Induction hypothesis: $$F_{n} \cdot F_{n+1} - F_{n-2}\cdot F_{n-1}=F_{2n-1}$$ We want to show the following is also true:

$$F_{n+1} \cdot F_{n+2} - F_{n-1}\cdot F_{n}=F_{2n+1}$$

So we transform the induction hypothesis by adding $F_{n+1}^2-F_{n-1}^2$:

$$F_{n} \cdot F_{n+1} +F_{n+1}^2 - F_{n-2}\cdot F_{n-1} -F_{n-1}^2 = F_{n+1} \cdot F_{n+2} - F_{n-1}\cdot F_{n}=F_{2n-1} + F_{n+1}^2-F_{n-1}^2$$

So we have the LHS of what we want to show. We would need to show that $F_{n+1}^2-F_{n-1}^2=F_{2n}$ and our proof would be finished. I was not able to proof this, I tried it with another induction.

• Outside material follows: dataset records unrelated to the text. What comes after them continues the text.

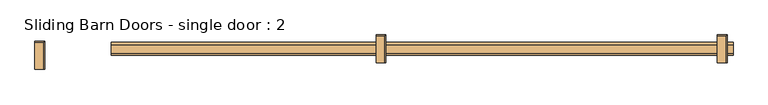
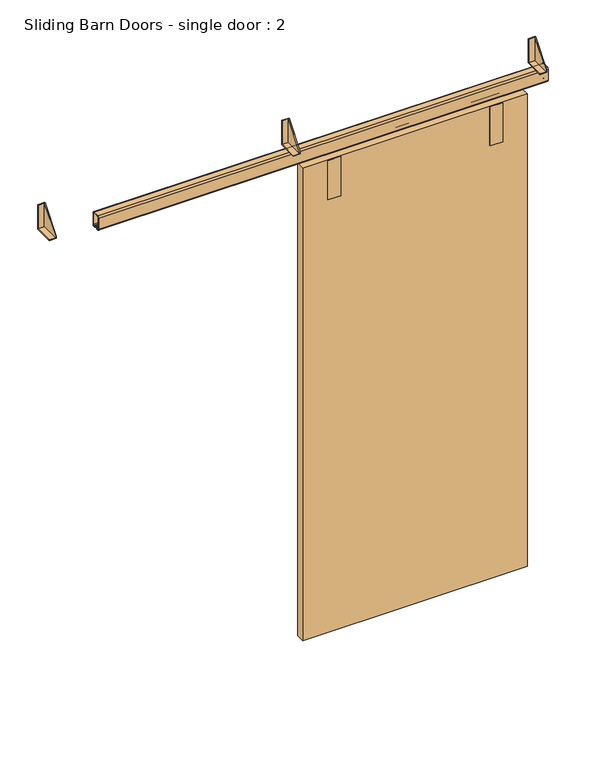
"""IFC4 building model written with IfcOpenShell, lengths in millimetres: door geometry, Sliding Barn Doors - single door : 2."""

from ifc_helpers import new_model, si_unit, point, frame, frame_2d, origin, place, context, project, spatial, polyline, circle_curve, trimmed, segment, composite_curve, outline, extrude, source, transform, mapped, element, save


def sliding_barn_doors_single_door_2_8c843bd4(model_context):
    return source(origin(), model_context, "Body", "SweptSolid", [
        extrude(outline(polyline([(-158.75, 2152.65), (-79.375, 2247.773), (-79.375, 2146.3), (-158.75, 2146.3), (-158.75, 2152.65)])), frame((-1487.5371094, 0.0, 0.0), z_axis=(1.0, 0.0, 0.0), x_axis=(0.0, 1.0, 0.0)), (0.0, 0.0, 1.0), 3.175),
        extrude(outline(polyline([(-76.2, 2143.125), (-158.75, 2143.125), (-158.75, 2146.3), (-79.375, 2146.3), (-79.375, 2247.773), (-76.2, 2247.773), (-76.2, 2143.125)])), frame((-1512.8378906, 0.0, 0.0), z_axis=(1.0, 0.0, 0.0), x_axis=(0.0, 1.0, 0.0)), (0.0, 0.0, 1.0), 28.4757812),
        extrude(outline(polyline([(-139.7, 2152.65), (-60.325, 2247.773), (-60.325, 2146.3), (-139.7, 2146.3), (-139.7, 2152.65)])), frame((-484.2371094, 0.0, 0.0), z_axis=(1.0, 0.0, 0.0), x_axis=(0.0, 1.0, 0.0)), (0.0, 0.0, 1.0), 3.175),
        extrude(outline(polyline([(-57.15, 2143.125), (-139.7, 2143.125), (-139.7, 2146.3), (-60.325, 2146.3), (-60.325, 2247.773), (-57.15, 2247.773), (-57.15, 2143.125)])), frame((-509.5378906, 0.0, 0.0), z_axis=(1.0, 0.0, 0.0), x_axis=(0.0, 1.0, 0.0)), (0.0, 0.0, 1.0), 28.4757813),
        extrude(outline(polyline([(-139.7, 2152.65), (-60.325, 2247.773), (-60.325, 2146.3), (-139.7, 2146.3), (-139.7, 2152.65)])), frame((519.0628906, 0.0, 0.0), z_axis=(1.0, 0.0, 0.0), x_axis=(0.0, 1.0, 0.0)), (0.0, 0.0, 1.0), 3.175),
        extrude(outline(polyline([(-57.15, 2143.125), (-139.7, 2143.125), (-139.7, 2146.3), (-60.325, 2146.3), (-60.325, 2247.773), (-57.15, 2247.773), (-57.15, 2143.125)])), frame((493.7621094, 0.0, 0.0), z_axis=(1.0, 0.0, 0.0), x_axis=(0.0, 1.0, 0.0)), (0.0, 0.0, 1.0), 28.4757813),
        extrude(outline(polyline([(-355.854, -117.475), (-355.854, -114.3), (-304.546, -114.3), (-304.546, -117.475), (-355.854, -117.475)])), frame((0.0, 0.0, 1889.252), z_axis=(0.0, 0.0, 1.0), x_axis=(1.0, 0.0, 0.0)), (0.0, 0.0, 1.0), 168.148),
        extrude(outline(polyline([(304.546, -117.475), (304.546, -114.3), (355.854, -114.3), (355.854, -117.475), (304.546, -117.475)])), frame((0.0, 0.0, 1889.252), z_axis=(0.0, 0.0, 1.0), x_axis=(1.0, 0.0, 0.0)), (0.0, 0.0, 1.0), 168.148),
        extrude(outline(polyline([(-457.2, -114.3), (-457.2, -79.375), (457.2, -79.375), (457.2, -114.3), (-457.2, -114.3)])), frame((0.0, 0.0, 25.4), z_axis=(0.0, 0.0, 1.0), x_axis=(1.0, 0.0, 0.0)), (0.0, 0.0, 1.0), 2032.0),
        extrude(outline(composite_curve([segment(trimmed(circle_curve(frame_2d((-85.725, 2136.775)), 6.35), [point((-85.725, 2143.125))], [point((-79.375, 2136.775))], False, "CARTESIAN"), True, "CONTINUOUS"), segment(polyline([(-79.375, 2136.775), (-79.375, 2088.515)]), True, "CONTINUOUS"), segment(trimmed(circle_curve(frame_2d((-85.725, 2088.515)), 6.35), [point((-79.375, 2088.515))], [point((-85.725, 2082.165))], False, "CARTESIAN"), True, "CONTINUOUS"), segment(polyline([(-85.725, 2082.165), (-91.1336853, 2082.165)]), True, "CONTINUOUS"), segment(trimmed(circle_curve(frame_2d((-91.1336853, 2083.7525)), 1.5875), [point((-91.1336853, 2082.165))], [point((-92.6920184, 2083.4495907))], False, "CARTESIAN"), True, "CONTINUOUS"), segment(polyline([(-92.6920184, 2083.4495907), (-94.1175341, 2090.7832331), (-92.6013971, 2090.7832331), (-91.2154749, 2083.6532812), (-85.725, 2083.6532812)]), True, "CONTINUOUS"), segment(trimmed(circle_curve(frame_2d((-85.725, 2088.515)), 4.8617187), [point((-85.725, 2083.6532812))], [point((-80.8632813, 2088.515))], True, "CARTESIAN"), True, "CONTINUOUS"), segment(polyline([(-80.8632813, 2088.515), (-80.8632813, 2136.775)]), True, "CONTINUOUS"), segment(trimmed(circle_curve(frame_2d((-85.725, 2136.775)), 4.8617187), [point((-80.8632813, 2136.775))], [point((-85.725, 2141.6367187))], True, "CARTESIAN"), True, "CONTINUOUS"), segment(polyline([(-85.725, 2141.6367187), (-111.252, 2141.6367187)]), True, "CONTINUOUS"), segment(trimmed(circle_curve(frame_2d((-111.252, 2136.775)), 4.8617187), [point((-111.252, 2141.6367187))], [point((-116.1137188, 2136.775))], True, "CARTESIAN"), True, "CONTINUOUS"), segment(polyline([(-116.1137188, 2136.775), (-116.1137188, 2088.515)]), True, "CONTINUOUS"), segment(trimmed(circle_curve(frame_2d((-111.252, 2088.515)), 4.8617187), [point((-116.1137188, 2088.515))], [point((-111.252, 2083.6532812))], True, "CARTESIAN"), True, "CONTINUOUS"), segment(polyline([(-111.252, 2083.6532812), (-105.7615251, 2083.6532812), (-104.3756029, 2090.7832331), (-102.8594659, 2090.7832331), (-104.2849816, 2083.4495907)]), True, "CONTINUOUS"), segment(trimmed(circle_curve(frame_2d((-105.8433147, 2083.7525)), 1.5875), [point((-104.2849816, 2083.4495907))], [point((-105.8433147, 2082.165))], False, "CARTESIAN"), True, "CONTINUOUS"), segment(polyline([(-105.8433147, 2082.165), (-111.252, 2082.165)]), True, "CONTINUOUS"), segment(trimmed(circle_curve(frame_2d((-111.252, 2088.515)), 6.35), [point((-111.252, 2082.165))], [point((-117.602, 2088.515))], False, "CARTESIAN"), True, "CONTINUOUS"), segment(polyline([(-117.602, 2088.515), (-117.602, 2136.775)]), True, "CONTINUOUS"), segment(trimmed(circle_curve(frame_2d((-111.252, 2136.775)), 6.35), [point((-117.602, 2136.775))], [point((-111.252, 2143.125))], False, "CARTESIAN"), True, "CONTINUOUS"), segment(polyline([(-111.252, 2143.125), (-85.725, 2143.125)]), True, "CONTINUOUS")], self_intersect=False)), frame((-1289.05, 0.0, 0.0), z_axis=(1.0, 0.0, 0.0), x_axis=(0.0, 1.0, 0.0)), (0.0, 0.0, 1.0), 1828.8),
    ])


if __name__ == "__main__":
    model = new_model("IFC4")
    model_context = context("Model", 3, world=origin())
    ifc_project = project(units=[si_unit("LENGTHUNIT", "METRE", prefix="MILLI")], contexts=[model_context])
    site = spatial("IfcSite", under=ifc_project)
    building = spatial("IfcBuilding", under=site)
    placement = place(None, origin())
    sliding_barn_doors_single_door_2_shape = sliding_barn_doors_single_door_2_8c843bd4(model_context)
    element("IfcDoor", 1, ObjectType="Sliding Barn Doors - single door : 2", at=placement, inside=building, context=model_context, shape_type="MappedRepresentation", body=[
        mapped(sliding_barn_doors_single_door_2_shape, transform((0.0, 0.0, 0.0), x_axis=(1.0, 0.0, 0.0), y_axis=(0.0, 1.0, 0.0), z_axis=(0.0, 0.0, 1.0))),
    ])
    save(model, "model.ifc")

# Revit data of these elements
# Type "Sliding Barn Doors - single door : 2"
#   Type Mark = "62"
#   OD_DS_Door_Material = "T.B.D."
#   OD_DS_Door_Type = "SLIDER"
#   OD_DS_Lockset = "-"
#   Analytic Construction = "<None>"
#   rail_overlap_left = 0' - 5 1/4"
#   rail_length = 6' - 0"
#   overlap_left = 0' - 2"
#   overlap = 0' - 0"
#   bracket_right = 3' - 7"
#   bracket_left = 0' - 4"
#   Thickness = 0' - 1 3/8"
#   Panel Width = 3' - 0"
#   Panel Height = 6' - 8"
#   Gap 2 = 0' - 0 1/2"
#   Gap 1 = 0' - 0 7/8"
#   Frame Projection Ext. = 0' - 1"
#   Frame Projection Int. = 0' - 1"
#   Frame Width = 0' - 3"
#   Height = 6' - 4"
#   Width = 2' - 8"
#   Bracket_offset = 0' - 5"
#   Door_4 = no
#   Door_3 = no
#   Hardware Material = Metal - Aluminum
#   Door Material = Closet_1
#   Function = (empty or 0)
#   Wall Closure = (empty or 0)
# Element 1 (IfcDoor, "Sliding Barn Doors - single door : 2")
#   Materials on its faces: "Metal - Aluminum", "Closet_1"
# Materials
#   "Metal - Aluminum": class "Metal", colour RGB 247 247 247, transparency 0
#   "Closet_1": class "Paint", colour RGB 200 194 183, transparency 0, Cost = 0

Another idea was to use two induction hypothesis: $$(1) F_{n-1} \cdot F_{n} - F_{n-3}\cdot F_{n-2}=F_{2n-3}$$ $$(2) F_{n} \cdot F_{n+1} - F_{n-2}\cdot F_{n-1}=F_{2n-1}$$

and then $(2)-(1)= F_{n-2}$ would give us: $$F_{2n-2}= F_{n}^2-F_{n-2}^2$$ This looks more promising, considering our problem in the last attempt. By adding (2) we get: $$F_{2n}= F_{n} \cdot F_{n+2} - F_{n-2}\cdot F_{n}$$ By adding (2) again we would get: $$F_{2n+1}= F_{n} \cdot F_{n+3} - F_{n-2}\cdot F_{n+1}$$ Now one would need to show this is equivalent, to what we want to prove. Again I was not successful trying to do this.

I would be very glad if someone could show me an complete induction proof not requiring other theorems. I know this theorem is only a special case of the following: $$F_{n+m} = F_{n−1}\cdot F_{m} + F_{n}\cdot F_{m+1}$$, which in fact is easy to show with induction. But I only know this theorem from googeling and I don't think it is necessary to do an induction proof of my special case of the theorem only by assuming the general case.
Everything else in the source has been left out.